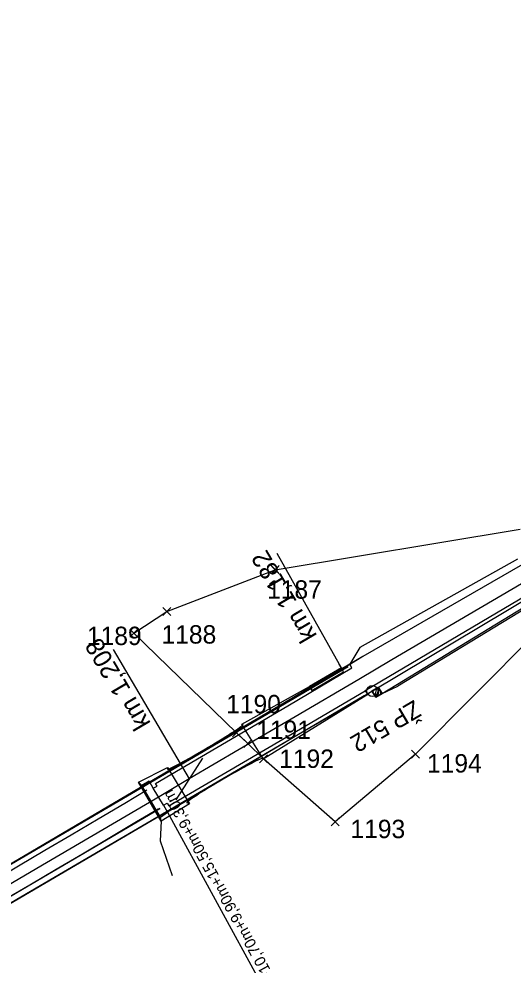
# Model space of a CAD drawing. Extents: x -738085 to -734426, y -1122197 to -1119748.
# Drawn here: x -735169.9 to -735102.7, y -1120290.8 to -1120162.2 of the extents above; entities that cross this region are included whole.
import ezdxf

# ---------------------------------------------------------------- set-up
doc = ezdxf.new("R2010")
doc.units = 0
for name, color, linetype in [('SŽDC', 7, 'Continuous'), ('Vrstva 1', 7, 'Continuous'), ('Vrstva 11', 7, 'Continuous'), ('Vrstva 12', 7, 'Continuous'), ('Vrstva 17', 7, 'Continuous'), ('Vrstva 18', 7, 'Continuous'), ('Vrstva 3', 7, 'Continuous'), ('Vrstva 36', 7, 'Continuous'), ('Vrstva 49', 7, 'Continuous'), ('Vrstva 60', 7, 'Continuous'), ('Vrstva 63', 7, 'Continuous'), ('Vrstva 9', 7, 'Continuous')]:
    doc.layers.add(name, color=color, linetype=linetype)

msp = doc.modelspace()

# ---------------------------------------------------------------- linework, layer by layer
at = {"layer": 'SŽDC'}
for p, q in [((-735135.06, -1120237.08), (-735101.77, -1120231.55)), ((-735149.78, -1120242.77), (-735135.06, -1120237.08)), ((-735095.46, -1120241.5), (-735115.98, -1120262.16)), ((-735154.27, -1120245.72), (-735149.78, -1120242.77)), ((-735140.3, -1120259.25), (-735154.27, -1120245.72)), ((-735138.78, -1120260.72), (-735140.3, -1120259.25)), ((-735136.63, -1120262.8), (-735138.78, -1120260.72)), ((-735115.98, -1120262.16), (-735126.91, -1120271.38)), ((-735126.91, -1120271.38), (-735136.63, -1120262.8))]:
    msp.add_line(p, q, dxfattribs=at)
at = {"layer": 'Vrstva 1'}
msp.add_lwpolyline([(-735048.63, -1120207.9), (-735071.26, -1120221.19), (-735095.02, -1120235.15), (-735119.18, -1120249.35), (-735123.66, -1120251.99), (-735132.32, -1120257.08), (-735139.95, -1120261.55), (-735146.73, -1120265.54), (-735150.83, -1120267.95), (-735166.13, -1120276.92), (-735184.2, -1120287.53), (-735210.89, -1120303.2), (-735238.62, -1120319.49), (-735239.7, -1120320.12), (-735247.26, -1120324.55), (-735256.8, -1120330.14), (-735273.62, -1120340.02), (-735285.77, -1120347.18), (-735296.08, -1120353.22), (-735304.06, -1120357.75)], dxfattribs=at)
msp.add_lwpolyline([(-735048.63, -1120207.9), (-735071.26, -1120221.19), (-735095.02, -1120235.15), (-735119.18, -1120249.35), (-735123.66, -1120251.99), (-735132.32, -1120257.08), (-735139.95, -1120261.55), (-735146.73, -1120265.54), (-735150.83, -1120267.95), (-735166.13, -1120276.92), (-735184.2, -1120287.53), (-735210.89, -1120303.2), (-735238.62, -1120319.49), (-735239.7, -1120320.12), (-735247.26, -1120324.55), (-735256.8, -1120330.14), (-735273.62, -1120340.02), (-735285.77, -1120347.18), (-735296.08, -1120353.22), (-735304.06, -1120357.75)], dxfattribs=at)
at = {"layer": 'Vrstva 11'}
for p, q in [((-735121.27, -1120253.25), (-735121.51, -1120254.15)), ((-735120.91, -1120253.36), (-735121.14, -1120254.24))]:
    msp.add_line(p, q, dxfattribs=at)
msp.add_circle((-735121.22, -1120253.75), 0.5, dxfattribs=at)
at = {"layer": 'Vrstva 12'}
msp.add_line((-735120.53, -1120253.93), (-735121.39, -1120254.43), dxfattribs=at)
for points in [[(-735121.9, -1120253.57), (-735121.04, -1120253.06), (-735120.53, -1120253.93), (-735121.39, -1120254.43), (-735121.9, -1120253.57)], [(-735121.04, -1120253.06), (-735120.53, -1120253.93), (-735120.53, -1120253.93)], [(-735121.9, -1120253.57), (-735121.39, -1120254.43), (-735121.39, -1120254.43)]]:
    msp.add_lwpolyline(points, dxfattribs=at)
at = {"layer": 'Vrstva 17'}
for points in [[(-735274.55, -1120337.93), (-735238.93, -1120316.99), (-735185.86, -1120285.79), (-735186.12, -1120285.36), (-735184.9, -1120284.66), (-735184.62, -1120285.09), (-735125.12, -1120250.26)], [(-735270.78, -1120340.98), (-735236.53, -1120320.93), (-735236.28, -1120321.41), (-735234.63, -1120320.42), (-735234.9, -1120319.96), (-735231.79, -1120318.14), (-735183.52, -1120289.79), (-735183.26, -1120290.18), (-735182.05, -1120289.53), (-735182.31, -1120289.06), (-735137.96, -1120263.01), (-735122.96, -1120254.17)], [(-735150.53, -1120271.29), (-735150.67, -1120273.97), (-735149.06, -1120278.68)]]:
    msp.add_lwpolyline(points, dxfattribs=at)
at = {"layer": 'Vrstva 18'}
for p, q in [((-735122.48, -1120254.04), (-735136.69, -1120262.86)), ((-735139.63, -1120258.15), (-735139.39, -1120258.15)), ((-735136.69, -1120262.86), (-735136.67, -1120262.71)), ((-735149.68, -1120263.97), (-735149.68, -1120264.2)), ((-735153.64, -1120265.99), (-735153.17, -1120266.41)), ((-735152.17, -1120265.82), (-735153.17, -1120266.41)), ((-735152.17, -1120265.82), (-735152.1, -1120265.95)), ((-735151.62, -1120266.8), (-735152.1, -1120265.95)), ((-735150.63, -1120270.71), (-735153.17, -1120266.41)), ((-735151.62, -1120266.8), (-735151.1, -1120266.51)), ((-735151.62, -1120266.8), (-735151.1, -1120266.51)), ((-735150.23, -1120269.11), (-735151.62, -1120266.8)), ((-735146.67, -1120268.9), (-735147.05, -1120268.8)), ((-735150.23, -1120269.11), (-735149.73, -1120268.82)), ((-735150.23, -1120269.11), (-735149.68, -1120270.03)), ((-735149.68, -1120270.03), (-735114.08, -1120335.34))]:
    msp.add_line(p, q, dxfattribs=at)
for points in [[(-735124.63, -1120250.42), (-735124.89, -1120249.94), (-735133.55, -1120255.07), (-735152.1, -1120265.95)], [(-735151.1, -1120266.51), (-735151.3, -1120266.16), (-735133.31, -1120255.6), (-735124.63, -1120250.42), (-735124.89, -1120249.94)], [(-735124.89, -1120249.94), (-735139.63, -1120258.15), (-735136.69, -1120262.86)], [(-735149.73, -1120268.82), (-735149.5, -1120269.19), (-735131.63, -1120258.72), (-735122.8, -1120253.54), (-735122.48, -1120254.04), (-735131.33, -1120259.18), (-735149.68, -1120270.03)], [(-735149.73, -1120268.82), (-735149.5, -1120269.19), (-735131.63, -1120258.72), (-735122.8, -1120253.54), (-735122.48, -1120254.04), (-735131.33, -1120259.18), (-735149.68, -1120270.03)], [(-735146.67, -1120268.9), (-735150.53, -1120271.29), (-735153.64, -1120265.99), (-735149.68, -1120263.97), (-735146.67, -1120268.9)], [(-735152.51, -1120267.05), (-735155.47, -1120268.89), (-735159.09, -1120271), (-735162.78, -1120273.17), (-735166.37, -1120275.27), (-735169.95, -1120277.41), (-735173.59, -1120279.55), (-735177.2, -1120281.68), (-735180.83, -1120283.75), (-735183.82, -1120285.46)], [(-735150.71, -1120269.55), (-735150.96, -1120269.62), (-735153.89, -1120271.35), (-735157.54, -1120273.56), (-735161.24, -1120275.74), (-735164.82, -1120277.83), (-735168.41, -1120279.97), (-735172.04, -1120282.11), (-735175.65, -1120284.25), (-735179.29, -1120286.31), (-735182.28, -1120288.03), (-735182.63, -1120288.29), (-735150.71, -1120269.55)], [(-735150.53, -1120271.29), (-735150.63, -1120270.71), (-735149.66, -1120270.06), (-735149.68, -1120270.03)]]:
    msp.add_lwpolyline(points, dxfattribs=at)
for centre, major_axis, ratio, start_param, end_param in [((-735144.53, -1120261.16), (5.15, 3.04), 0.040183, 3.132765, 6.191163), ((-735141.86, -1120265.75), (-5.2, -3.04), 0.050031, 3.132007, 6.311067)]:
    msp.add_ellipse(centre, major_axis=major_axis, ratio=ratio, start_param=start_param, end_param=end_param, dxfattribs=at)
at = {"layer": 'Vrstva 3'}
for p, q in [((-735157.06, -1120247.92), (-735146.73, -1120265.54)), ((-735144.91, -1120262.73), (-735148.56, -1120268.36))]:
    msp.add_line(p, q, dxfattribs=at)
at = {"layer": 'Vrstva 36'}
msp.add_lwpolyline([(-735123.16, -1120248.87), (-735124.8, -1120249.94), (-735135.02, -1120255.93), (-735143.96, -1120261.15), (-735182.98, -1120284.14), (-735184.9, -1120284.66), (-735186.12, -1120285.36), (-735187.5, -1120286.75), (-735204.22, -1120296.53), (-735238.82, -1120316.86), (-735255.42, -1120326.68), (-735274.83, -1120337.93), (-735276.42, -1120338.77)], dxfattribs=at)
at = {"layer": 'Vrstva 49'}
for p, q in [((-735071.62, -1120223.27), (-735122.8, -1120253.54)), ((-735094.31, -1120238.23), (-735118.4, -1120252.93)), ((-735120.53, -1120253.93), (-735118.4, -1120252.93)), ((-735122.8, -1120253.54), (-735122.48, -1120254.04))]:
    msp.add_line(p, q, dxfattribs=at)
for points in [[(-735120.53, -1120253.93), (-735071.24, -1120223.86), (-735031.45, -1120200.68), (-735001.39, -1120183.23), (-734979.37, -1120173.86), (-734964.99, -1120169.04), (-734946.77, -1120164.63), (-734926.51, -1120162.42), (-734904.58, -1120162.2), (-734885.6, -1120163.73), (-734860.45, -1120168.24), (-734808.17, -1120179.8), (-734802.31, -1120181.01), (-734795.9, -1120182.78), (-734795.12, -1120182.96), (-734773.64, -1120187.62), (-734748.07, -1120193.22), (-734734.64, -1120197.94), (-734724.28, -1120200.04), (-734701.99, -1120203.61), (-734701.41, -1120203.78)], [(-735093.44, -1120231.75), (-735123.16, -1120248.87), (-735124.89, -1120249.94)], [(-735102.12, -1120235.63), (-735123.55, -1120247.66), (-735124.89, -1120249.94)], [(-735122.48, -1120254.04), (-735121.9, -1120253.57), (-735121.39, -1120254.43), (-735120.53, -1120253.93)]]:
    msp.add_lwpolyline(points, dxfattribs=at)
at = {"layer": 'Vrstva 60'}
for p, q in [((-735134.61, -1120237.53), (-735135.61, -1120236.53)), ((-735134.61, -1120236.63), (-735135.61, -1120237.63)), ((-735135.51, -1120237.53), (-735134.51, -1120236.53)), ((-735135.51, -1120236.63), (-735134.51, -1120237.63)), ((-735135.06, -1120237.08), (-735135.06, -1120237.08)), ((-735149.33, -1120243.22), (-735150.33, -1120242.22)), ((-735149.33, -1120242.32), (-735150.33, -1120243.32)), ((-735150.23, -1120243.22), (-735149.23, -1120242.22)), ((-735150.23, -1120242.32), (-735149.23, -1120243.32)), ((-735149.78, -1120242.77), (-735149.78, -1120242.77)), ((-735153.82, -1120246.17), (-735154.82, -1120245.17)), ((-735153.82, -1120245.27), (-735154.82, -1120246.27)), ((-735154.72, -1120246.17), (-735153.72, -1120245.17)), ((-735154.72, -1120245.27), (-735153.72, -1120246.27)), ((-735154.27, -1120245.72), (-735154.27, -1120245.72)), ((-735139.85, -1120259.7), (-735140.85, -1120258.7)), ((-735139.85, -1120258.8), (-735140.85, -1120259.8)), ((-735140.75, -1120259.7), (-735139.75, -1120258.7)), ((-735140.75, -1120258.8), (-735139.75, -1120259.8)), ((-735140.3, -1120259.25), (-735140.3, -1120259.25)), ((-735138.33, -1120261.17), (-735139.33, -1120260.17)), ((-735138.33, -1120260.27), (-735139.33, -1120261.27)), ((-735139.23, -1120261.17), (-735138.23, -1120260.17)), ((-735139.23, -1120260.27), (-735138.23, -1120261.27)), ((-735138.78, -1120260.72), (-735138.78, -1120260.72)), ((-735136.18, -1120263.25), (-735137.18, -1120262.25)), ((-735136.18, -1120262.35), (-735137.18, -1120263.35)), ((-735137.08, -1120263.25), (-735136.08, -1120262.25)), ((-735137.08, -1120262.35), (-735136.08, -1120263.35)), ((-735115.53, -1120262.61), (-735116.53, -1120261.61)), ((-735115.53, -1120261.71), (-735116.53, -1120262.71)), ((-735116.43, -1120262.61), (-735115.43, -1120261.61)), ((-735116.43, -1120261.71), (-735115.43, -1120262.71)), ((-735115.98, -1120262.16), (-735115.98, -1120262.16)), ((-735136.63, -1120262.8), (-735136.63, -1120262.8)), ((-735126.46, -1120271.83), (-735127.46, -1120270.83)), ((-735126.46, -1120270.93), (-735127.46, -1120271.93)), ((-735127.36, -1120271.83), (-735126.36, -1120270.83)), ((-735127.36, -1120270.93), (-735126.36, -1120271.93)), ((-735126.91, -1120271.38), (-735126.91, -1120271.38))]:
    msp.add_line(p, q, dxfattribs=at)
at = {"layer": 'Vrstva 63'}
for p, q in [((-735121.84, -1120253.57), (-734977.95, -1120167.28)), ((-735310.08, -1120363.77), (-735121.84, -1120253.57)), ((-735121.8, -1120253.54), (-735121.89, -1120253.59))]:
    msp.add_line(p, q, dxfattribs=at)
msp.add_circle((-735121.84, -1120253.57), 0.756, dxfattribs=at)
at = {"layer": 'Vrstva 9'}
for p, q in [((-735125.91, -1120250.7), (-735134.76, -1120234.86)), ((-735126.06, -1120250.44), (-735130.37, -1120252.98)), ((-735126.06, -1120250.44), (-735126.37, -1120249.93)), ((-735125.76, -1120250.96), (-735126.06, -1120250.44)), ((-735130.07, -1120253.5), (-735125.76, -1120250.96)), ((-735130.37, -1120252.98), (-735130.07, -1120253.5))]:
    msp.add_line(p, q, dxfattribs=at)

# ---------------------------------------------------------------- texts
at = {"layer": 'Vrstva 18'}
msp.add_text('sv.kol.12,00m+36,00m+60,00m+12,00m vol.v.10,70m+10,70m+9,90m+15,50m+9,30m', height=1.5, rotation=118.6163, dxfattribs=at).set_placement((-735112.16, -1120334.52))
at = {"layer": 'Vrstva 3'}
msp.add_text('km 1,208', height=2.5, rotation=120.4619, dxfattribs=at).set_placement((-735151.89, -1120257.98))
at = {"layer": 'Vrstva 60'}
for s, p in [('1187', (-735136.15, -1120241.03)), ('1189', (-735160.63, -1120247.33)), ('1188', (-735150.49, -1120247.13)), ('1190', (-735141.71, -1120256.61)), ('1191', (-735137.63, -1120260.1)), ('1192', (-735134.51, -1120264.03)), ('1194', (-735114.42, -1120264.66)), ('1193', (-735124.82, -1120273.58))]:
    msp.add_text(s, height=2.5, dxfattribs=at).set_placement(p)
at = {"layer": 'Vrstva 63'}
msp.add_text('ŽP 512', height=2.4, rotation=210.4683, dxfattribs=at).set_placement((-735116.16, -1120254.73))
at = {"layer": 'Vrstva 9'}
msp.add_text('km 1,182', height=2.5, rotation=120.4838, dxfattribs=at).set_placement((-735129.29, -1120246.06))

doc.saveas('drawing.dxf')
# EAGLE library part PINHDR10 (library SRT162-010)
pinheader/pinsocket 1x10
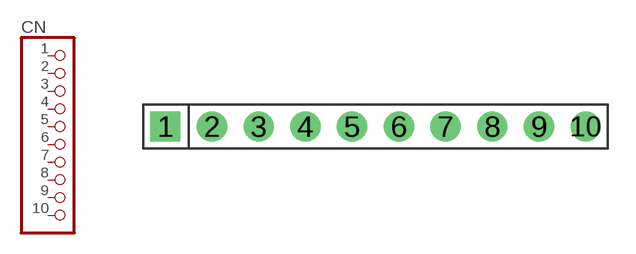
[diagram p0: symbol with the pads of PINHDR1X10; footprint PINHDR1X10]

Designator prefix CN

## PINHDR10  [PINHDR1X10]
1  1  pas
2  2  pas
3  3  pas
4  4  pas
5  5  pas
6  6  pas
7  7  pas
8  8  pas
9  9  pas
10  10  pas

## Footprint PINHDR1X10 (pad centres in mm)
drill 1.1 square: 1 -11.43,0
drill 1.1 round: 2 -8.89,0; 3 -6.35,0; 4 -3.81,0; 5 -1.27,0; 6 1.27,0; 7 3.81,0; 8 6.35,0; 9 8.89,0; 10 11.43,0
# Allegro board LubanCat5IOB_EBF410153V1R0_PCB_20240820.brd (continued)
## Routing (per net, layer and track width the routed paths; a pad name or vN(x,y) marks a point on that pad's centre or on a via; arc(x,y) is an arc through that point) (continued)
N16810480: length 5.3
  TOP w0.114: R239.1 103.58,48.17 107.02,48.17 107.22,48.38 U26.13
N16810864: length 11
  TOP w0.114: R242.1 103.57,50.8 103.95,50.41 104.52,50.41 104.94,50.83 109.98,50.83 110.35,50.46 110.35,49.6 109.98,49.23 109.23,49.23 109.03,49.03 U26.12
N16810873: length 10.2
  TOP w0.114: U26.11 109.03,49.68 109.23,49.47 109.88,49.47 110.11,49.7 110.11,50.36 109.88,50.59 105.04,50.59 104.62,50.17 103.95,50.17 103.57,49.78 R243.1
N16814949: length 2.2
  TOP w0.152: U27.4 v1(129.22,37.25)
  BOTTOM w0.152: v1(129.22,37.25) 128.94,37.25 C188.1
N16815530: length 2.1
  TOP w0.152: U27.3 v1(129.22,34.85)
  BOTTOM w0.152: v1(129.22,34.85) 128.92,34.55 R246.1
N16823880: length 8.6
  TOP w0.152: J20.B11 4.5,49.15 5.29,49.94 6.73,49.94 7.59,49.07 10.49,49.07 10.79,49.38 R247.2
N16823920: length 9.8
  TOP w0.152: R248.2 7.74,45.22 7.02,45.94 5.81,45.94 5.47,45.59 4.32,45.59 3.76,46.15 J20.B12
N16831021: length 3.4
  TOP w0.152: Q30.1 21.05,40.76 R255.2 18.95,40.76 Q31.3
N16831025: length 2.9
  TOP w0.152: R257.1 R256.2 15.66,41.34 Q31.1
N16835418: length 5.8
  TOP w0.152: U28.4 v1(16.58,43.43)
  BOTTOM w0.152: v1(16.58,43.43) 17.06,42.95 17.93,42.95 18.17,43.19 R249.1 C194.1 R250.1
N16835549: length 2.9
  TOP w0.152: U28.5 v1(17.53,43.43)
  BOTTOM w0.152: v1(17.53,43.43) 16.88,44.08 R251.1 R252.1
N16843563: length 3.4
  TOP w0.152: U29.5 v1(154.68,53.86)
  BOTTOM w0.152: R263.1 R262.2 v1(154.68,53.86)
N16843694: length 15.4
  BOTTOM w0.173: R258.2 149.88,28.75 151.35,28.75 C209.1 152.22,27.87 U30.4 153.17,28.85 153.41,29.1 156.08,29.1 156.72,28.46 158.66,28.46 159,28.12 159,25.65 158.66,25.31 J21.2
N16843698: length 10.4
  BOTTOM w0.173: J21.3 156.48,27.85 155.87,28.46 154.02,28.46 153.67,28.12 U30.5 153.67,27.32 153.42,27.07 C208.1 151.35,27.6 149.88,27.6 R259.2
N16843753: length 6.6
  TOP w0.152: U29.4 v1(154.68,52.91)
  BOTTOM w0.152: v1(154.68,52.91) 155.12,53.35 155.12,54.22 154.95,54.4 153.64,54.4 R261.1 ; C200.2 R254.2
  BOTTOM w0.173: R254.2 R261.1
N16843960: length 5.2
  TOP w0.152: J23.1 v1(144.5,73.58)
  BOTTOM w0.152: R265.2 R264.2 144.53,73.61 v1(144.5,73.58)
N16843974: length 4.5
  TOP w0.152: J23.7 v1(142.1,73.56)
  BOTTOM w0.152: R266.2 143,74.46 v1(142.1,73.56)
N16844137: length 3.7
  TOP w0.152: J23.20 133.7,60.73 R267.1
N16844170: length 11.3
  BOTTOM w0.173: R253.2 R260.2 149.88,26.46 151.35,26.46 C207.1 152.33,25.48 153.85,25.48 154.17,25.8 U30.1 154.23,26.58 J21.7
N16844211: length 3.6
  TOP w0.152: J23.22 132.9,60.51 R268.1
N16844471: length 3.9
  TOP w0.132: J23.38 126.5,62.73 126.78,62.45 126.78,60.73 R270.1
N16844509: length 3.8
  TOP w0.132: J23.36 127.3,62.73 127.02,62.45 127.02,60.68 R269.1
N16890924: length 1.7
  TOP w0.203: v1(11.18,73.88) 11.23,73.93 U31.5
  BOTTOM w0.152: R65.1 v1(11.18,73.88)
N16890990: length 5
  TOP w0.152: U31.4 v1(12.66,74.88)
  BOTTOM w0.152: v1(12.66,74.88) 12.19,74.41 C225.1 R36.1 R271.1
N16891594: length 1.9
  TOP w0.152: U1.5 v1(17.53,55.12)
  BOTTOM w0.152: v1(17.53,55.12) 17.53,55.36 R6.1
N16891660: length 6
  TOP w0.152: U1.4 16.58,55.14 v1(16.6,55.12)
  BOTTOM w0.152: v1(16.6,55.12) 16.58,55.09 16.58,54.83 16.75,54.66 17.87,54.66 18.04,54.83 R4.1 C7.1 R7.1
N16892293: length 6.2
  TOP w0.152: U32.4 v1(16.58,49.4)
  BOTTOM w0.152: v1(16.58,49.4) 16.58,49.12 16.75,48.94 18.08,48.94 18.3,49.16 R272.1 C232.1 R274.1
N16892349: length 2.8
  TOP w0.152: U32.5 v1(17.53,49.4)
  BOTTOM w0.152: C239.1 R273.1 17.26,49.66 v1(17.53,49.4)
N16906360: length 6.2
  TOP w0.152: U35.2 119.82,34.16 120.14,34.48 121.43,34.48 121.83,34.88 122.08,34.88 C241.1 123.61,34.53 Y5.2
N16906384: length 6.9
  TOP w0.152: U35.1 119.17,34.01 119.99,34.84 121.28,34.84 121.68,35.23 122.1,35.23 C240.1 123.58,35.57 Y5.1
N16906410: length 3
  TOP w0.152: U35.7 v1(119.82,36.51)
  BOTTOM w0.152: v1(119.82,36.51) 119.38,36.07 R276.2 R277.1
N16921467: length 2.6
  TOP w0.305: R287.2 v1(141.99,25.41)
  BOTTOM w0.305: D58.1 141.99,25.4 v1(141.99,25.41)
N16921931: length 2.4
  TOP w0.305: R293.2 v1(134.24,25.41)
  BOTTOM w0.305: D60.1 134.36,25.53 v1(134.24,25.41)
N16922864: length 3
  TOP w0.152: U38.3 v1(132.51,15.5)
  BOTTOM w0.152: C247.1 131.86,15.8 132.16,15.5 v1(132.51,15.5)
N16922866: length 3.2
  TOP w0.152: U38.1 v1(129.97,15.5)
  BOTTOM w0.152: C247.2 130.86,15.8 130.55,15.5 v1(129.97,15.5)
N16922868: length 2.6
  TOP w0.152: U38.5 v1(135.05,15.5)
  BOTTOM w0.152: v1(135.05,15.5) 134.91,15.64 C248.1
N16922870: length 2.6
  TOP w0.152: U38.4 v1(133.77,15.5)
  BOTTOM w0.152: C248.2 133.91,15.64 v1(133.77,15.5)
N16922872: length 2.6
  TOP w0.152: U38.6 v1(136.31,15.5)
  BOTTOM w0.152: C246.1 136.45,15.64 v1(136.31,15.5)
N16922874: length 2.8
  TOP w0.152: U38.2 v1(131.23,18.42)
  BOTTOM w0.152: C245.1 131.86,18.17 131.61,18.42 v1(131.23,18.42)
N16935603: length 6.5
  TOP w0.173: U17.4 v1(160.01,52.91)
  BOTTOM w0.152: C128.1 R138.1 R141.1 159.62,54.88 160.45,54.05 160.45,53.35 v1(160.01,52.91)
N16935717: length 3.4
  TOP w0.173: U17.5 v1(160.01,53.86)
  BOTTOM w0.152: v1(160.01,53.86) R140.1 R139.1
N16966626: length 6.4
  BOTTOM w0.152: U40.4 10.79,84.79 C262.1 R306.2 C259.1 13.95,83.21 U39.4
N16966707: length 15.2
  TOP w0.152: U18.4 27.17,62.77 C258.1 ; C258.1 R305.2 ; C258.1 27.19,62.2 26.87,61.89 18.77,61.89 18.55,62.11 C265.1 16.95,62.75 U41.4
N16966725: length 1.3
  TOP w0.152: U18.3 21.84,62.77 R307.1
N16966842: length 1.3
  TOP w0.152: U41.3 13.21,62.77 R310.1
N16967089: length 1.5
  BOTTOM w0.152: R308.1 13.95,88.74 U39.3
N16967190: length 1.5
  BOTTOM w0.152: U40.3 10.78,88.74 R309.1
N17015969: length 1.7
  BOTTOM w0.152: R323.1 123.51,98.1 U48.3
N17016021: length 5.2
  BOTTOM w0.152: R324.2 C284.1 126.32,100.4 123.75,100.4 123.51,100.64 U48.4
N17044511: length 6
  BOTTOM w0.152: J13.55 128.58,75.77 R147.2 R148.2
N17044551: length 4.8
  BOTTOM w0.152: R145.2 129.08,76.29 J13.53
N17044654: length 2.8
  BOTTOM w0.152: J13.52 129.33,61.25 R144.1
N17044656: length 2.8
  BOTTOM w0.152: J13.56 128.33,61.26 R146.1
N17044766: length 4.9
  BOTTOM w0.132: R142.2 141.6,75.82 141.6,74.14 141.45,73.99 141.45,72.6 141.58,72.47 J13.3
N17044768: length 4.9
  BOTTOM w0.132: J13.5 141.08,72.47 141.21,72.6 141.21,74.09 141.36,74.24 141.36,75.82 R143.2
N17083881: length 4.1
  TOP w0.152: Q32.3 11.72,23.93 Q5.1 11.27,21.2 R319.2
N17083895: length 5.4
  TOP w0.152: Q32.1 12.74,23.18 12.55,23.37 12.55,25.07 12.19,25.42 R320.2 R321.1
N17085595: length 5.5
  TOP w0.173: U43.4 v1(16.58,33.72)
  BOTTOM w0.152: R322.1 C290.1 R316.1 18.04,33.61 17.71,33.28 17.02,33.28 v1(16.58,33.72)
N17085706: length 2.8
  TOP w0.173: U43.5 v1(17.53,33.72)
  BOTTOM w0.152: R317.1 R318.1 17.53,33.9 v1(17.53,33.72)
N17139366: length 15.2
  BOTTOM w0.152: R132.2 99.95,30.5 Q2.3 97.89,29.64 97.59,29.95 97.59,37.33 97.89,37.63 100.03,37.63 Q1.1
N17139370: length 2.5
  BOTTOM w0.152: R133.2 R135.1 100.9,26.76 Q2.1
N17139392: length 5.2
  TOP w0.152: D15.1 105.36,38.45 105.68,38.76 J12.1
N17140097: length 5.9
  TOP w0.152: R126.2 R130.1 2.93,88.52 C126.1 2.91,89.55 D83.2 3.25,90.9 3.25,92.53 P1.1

» **TASK GOAL**
Reproduce only the lines from the beginning of the data through the line that contains "doc.units = 0", both included, and please drop the pictures.

» **RESPONSE TO THE TASK**
# Model space of a CAD drawing. Extents: x -738085 to -734426, y -1122197 to -1119748.
# Drawn here: x -735169.9 to -735102.7, y -1120290.8 to -1120162.2 of the extents above; entities that cross this region are included whole.
import ezdxf

# ---------------------------------------------------------------- set-up
doc = ezdxf.new("R2010")
doc.units = 0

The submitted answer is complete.